## Data section

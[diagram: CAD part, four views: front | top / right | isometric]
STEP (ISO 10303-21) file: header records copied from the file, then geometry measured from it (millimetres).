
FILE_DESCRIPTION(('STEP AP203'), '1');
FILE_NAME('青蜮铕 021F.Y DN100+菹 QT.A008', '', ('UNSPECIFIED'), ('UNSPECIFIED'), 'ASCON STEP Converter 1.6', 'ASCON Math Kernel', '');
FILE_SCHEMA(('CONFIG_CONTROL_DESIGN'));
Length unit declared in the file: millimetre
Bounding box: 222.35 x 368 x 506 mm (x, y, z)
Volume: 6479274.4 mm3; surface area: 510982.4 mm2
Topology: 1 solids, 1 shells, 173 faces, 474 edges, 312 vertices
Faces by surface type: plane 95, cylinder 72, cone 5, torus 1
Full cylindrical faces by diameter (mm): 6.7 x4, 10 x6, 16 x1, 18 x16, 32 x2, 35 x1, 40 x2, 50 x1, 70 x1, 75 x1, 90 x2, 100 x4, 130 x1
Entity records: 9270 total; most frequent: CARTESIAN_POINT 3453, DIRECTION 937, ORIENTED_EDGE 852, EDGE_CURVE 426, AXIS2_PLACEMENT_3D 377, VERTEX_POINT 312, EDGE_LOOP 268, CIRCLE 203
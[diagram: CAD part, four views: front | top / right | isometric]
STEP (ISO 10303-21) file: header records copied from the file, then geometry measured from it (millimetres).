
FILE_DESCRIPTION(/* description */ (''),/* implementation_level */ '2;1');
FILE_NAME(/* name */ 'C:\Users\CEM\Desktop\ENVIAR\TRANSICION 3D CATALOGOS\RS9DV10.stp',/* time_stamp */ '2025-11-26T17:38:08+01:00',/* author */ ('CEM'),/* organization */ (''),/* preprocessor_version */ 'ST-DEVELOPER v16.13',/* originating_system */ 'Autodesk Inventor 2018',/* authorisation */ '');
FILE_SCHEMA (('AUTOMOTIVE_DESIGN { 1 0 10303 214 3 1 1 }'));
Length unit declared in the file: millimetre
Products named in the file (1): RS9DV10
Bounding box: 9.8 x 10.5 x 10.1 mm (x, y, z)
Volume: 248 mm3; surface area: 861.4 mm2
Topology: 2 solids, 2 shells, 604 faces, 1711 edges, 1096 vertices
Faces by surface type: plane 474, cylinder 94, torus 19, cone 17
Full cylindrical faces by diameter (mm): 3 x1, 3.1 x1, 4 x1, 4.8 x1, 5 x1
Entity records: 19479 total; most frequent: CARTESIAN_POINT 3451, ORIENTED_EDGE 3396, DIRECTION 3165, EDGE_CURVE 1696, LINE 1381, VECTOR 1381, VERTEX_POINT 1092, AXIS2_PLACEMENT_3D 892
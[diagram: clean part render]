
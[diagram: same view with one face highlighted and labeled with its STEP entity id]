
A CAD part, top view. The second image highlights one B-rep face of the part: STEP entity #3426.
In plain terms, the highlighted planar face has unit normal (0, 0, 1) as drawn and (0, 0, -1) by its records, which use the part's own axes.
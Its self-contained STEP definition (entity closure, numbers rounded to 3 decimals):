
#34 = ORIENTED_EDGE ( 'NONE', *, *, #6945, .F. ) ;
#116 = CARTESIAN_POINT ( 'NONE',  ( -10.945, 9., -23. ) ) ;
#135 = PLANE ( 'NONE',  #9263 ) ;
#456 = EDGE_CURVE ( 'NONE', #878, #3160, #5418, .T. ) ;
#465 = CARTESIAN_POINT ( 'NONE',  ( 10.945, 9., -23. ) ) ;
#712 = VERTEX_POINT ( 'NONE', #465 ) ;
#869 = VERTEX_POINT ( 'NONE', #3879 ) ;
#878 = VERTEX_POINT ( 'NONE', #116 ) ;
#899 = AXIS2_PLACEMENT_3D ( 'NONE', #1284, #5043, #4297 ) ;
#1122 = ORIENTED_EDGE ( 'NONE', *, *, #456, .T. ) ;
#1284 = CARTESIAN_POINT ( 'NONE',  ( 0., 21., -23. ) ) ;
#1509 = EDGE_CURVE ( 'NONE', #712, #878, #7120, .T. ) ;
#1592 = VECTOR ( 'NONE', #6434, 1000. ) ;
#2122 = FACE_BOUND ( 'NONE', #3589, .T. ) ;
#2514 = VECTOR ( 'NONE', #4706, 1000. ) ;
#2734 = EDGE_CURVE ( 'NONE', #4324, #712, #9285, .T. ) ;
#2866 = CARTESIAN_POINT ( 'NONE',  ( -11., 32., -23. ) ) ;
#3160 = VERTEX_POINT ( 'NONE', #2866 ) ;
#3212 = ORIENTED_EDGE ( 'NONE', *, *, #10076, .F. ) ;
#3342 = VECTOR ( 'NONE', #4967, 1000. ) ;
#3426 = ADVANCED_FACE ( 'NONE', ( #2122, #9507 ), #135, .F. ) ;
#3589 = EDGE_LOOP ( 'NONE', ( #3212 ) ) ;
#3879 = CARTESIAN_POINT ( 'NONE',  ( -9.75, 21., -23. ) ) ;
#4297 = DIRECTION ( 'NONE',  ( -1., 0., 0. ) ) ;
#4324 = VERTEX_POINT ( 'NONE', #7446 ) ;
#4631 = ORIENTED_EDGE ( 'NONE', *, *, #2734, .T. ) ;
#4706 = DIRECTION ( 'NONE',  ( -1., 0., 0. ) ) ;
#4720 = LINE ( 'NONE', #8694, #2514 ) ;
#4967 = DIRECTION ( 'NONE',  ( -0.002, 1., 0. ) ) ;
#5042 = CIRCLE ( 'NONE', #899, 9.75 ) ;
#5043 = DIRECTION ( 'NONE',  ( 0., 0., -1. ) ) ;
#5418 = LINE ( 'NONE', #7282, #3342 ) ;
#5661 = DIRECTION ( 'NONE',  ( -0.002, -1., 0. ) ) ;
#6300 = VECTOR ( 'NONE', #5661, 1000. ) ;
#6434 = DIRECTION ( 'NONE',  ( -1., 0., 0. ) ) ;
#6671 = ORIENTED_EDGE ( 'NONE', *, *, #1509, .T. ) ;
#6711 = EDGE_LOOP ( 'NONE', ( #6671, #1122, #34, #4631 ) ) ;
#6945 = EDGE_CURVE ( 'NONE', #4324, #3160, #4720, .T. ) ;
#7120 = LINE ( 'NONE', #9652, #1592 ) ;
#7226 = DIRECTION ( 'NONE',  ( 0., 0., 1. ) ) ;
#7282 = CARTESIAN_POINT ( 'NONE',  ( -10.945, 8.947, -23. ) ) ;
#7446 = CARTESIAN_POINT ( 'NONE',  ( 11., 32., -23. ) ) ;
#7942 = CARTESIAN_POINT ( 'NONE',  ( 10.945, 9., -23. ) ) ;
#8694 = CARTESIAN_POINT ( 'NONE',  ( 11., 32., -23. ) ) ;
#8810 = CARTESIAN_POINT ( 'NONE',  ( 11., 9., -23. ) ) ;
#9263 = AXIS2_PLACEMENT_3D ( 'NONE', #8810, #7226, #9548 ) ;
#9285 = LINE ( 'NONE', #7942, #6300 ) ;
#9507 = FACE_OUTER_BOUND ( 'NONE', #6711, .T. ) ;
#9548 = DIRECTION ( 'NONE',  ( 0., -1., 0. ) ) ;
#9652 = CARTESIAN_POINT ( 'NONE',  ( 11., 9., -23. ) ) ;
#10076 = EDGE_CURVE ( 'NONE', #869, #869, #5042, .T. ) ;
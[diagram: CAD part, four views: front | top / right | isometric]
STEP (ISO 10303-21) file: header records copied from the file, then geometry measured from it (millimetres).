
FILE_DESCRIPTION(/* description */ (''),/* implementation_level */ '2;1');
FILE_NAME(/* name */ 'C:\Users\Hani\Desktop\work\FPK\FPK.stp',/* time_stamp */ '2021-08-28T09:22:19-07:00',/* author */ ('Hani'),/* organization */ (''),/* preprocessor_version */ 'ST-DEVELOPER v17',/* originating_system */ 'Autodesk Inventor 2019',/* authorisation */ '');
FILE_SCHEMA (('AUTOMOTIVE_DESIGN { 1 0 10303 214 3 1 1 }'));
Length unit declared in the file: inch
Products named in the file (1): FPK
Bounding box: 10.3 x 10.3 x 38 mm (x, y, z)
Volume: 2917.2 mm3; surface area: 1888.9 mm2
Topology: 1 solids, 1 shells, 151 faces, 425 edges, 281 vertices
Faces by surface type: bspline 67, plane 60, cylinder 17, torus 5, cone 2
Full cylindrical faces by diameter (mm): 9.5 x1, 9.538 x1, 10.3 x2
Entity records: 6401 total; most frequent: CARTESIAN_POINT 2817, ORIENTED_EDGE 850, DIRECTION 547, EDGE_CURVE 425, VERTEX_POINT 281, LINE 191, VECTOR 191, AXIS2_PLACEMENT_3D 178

## Your assignment
Return the lines exactly as they stand, please. Start at the top of the material and finish with the line where "A CAD part, top" appears.

## Task answer
[diagram: CAD part, four views: front | top / right | isometric]
STEP (ISO 10303-21) file: header records copied from the file, then geometry measured from it (millimetres).
FILE_DESCRIPTION(('STEP AP203'), '1');
FILE_NAME('青蜮铕 021F.Y DN100+菹 QT.A008', '', ('UNSPECIFIED'), ('UNSPECIFIED'), 'ASCON STEP Converter 1.6', 'ASCON Math Kernel', '');
FILE_SCHEMA(('CONFIG_CONTROL_DESIGN'));
Length unit declared in the file: millimetre
Bounding box: 222.35 x 368 x 506 mm (x, y, z)
Volume: 6479274.4 mm3; surface area: 510982.4 mm2
Topology: 1 solids, 1 shells, 173 faces, 474 edges, 312 vertices
Faces by surface type: plane 95, cylinder 72, cone 5, torus 1
Full cylindrical faces by diameter (mm): 6.7 x4, 10 x6, 16 x1, 18 x16, 32 x2, 35 x1, 40 x2, 50 x1, 70 x1, 75 x1, 90 x2, 100 x4, 130 x1
Entity records: 9270 total; most frequent: CARTESIAN_POINT 3453, DIRECTION 937, ORIENTED_EDGE 852, EDGE_CURVE 426, AXIS2_PLACEMENT_3D 377, VERTEX_POINT 312, EDGE_LOOP 268, CIRCLE 203
[diagram: CAD part, four views: front | top / right | isometric]
STEP (ISO 10303-21) file: header records copied from the file, then geometry measured from it (millimetres).
FILE_DESCRIPTION(/* description */ (''),/* implementation_level */ '2;1');
FILE_NAME(/* name */ 'C:\Users\CEM\Desktop\ENVIAR\TRANSICION 3D CATALOGOS\RS9DV10.stp',/* time_stamp */ '2025-11-26T17:38:08+01:00',/* author */ ('CEM'),/* organization */ (''),/* preprocessor_version */ 'ST-DEVELOPER v16.13',/* originating_system */ 'Autodesk Inventor 2018',/* authorisation */ '');
FILE_SCHEMA (('AUTOMOTIVE_DESIGN { 1 0 10303 214 3 1 1 }'));
Length unit declared in the file: millimetre
Products named in the file (1): RS9DV10
Bounding box: 9.8 x 10.5 x 10.1 mm (x, y, z)
Volume: 248 mm3; surface area: 861.4 mm2
Topology: 2 solids, 2 shells, 604 faces, 1711 edges, 1096 vertices
Faces by surface type: plane 474, cylinder 94, torus 19, cone 17
Full cylindrical faces by diameter (mm): 3 x1, 3.1 x1, 4 x1, 4.8 x1, 5 x1
Entity records: 19479 total; most frequent: CARTESIAN_POINT 3451, ORIENTED_EDGE 3396, DIRECTION 3165, EDGE_CURVE 1696, LINE 1381, VECTOR 1381, VERTEX_POINT 1092, AXIS2_PLACEMENT_3D 892
[diagram: clean part render]
[diagram: same view with one face highlighted and labeled with its STEP entity id]
A CAD part, top view. The second image highlights one B-rep face of the part: STEP entity #3426.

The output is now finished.